Which lines of the data contain the string "PLATED"? Show each of them.

== Data

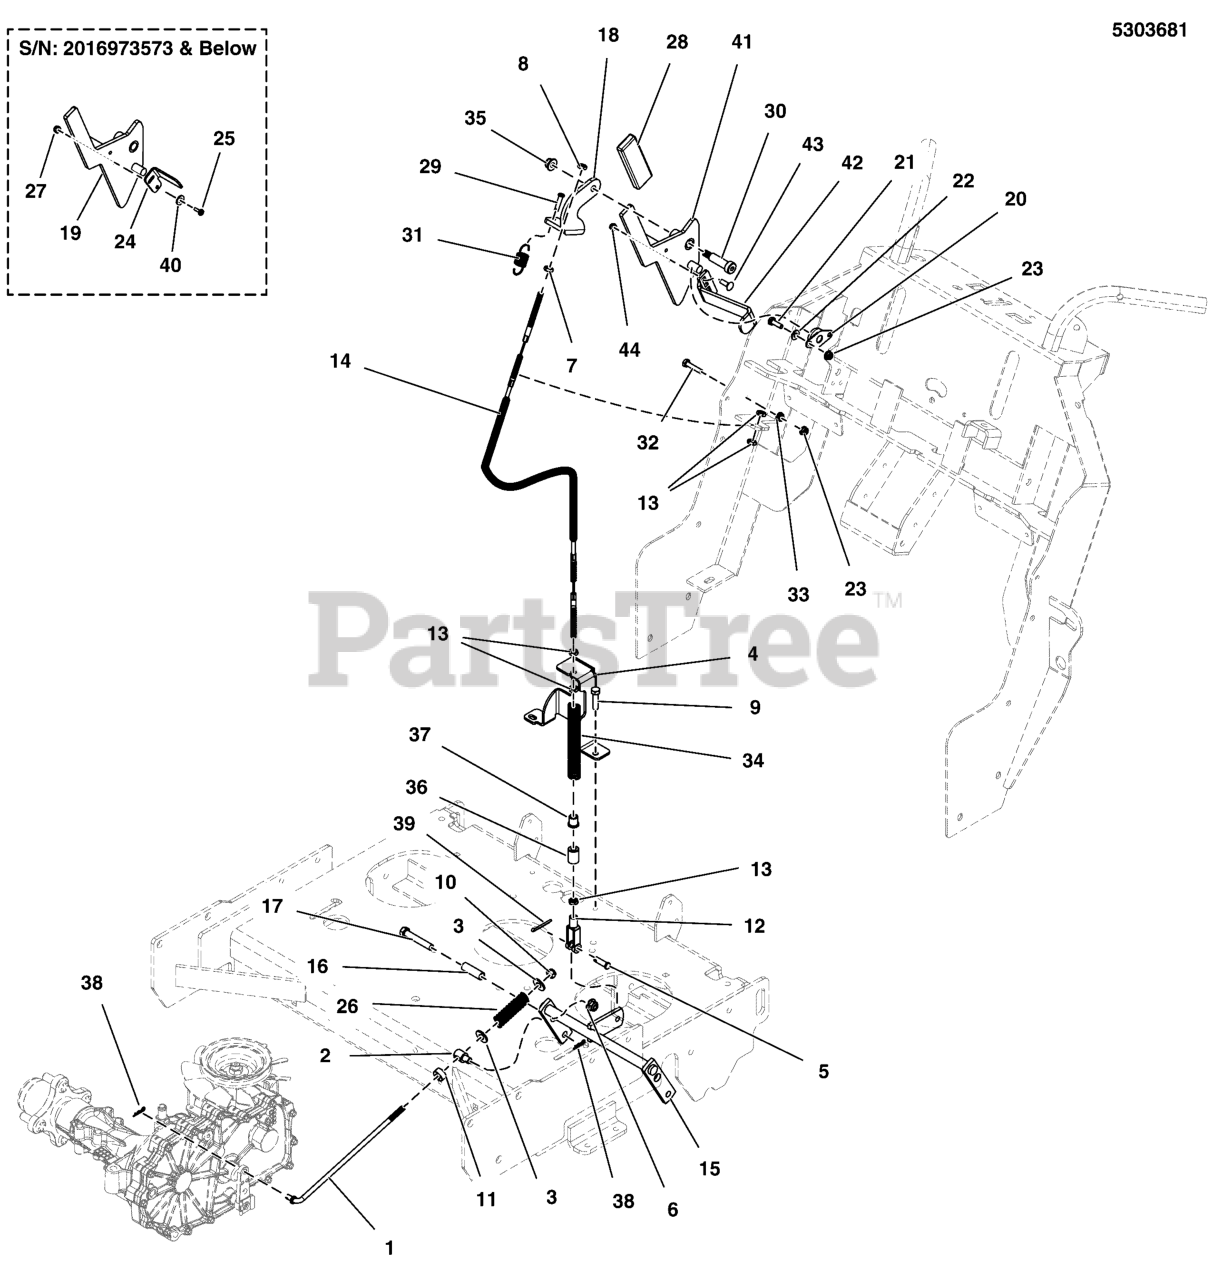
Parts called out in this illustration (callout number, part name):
1	ROD, BRAKE, SW35
2	ADJUSTER, BRAKE LINKAGE
3	WASHER, 5/16 USS
4	WELD, BRAKE CABLE MOUNT - BLK
5	PIN, CLEVIS, 5/16 X 1, PLATED
6	NUT, 3/8-16 HEX NYLOCK FLANGE
7	NUT, 5/16-18 HEX
8	NUT, 5/16-18 HEX NYLON LOCK
9	BOLT, 5/16-18 X 3/4, SELF TAPPING
10	NUT, 5/16-24 HEX NYLON LOCK
11	COLLAR, 5/16 SET
12	CLEVIS, 5/16-24, STEEL, CLEAR ZINC
13	NUT, 5/16-24 JAM
14	CABLE, PARKING BRAKE, 31" (787.9 cm)
15	WELD, BRAKE PIVOT - BLK
16	SPACER, .38 X .50 X 1.56
17	BOLT, 3/8-16 X 2-1/4" GD5 CZ
18	PLATE, OVER CENTER LINK
19	WELD, BRAKE LEVER, WALK - BLK
20	BEARING, 1/2 FLANGED, PLASTIC BALL
21	BOLT, 1/4-20 X 3/4 GD5 YZ
22	WASHER, 1/4 SAE
23	NUT, 1/4-20 HEX NYLOCK FLANGE
24	PLATE, SWITCH TAB - BLK
25	SCREW, #10-24 X 3/4 ROUND PHILLIPS
26	SPRING, COMP .480X.067X2.75
27	NUT, #10-24 HEX NYLON LOCK
28	GRIP, FOAM, 1/4 X 1 X 4.1
29	PIN, CLEVIS, 1/4 X 1, PLATED
30	BOLT-3/8-16 x 1-1/2, 1/2 SHOULDER
31	SPRING-EXT, .740 ODX2.025LGX.072WR, BLK
32	BOLT, 1/4-20 X 1-1/4, GD5
33	NUT, 1/4-20 HEX SERR. FLANGE
34	SPRING-COMP, .600ID X 5.50LG X .080WR
35	NUT, 3/8-16 HEX SIDE LOCK
36	SPACER, .32 X .75 X 1.06, PM
37	BUSHING, .38 X .75 X .75, PLASTIC
38	PIN, HAIR, .0585 X 1-1/8, 1/4 EYE, YZ
39	PIN, COTTER, 1/8 X 1-1/4
40	WASHER, #10 SAE
41	WELD, BRAKE HANDLE, F/SW35 - BLK
42	PLATE, NEUTRAL LOCKOUT - BLK
43	BOLT,1/4-20X0.750,GR5,STD NECK,SQ,ZC/CL
44	NUT, 1/4-20 HEX NYLOCK FLANGE

====

Completed exercise
5	PIN, CLEVIS, 5/16 X 1, PLATED
29	PIN, CLEVIS, 1/4 X 1, PLATED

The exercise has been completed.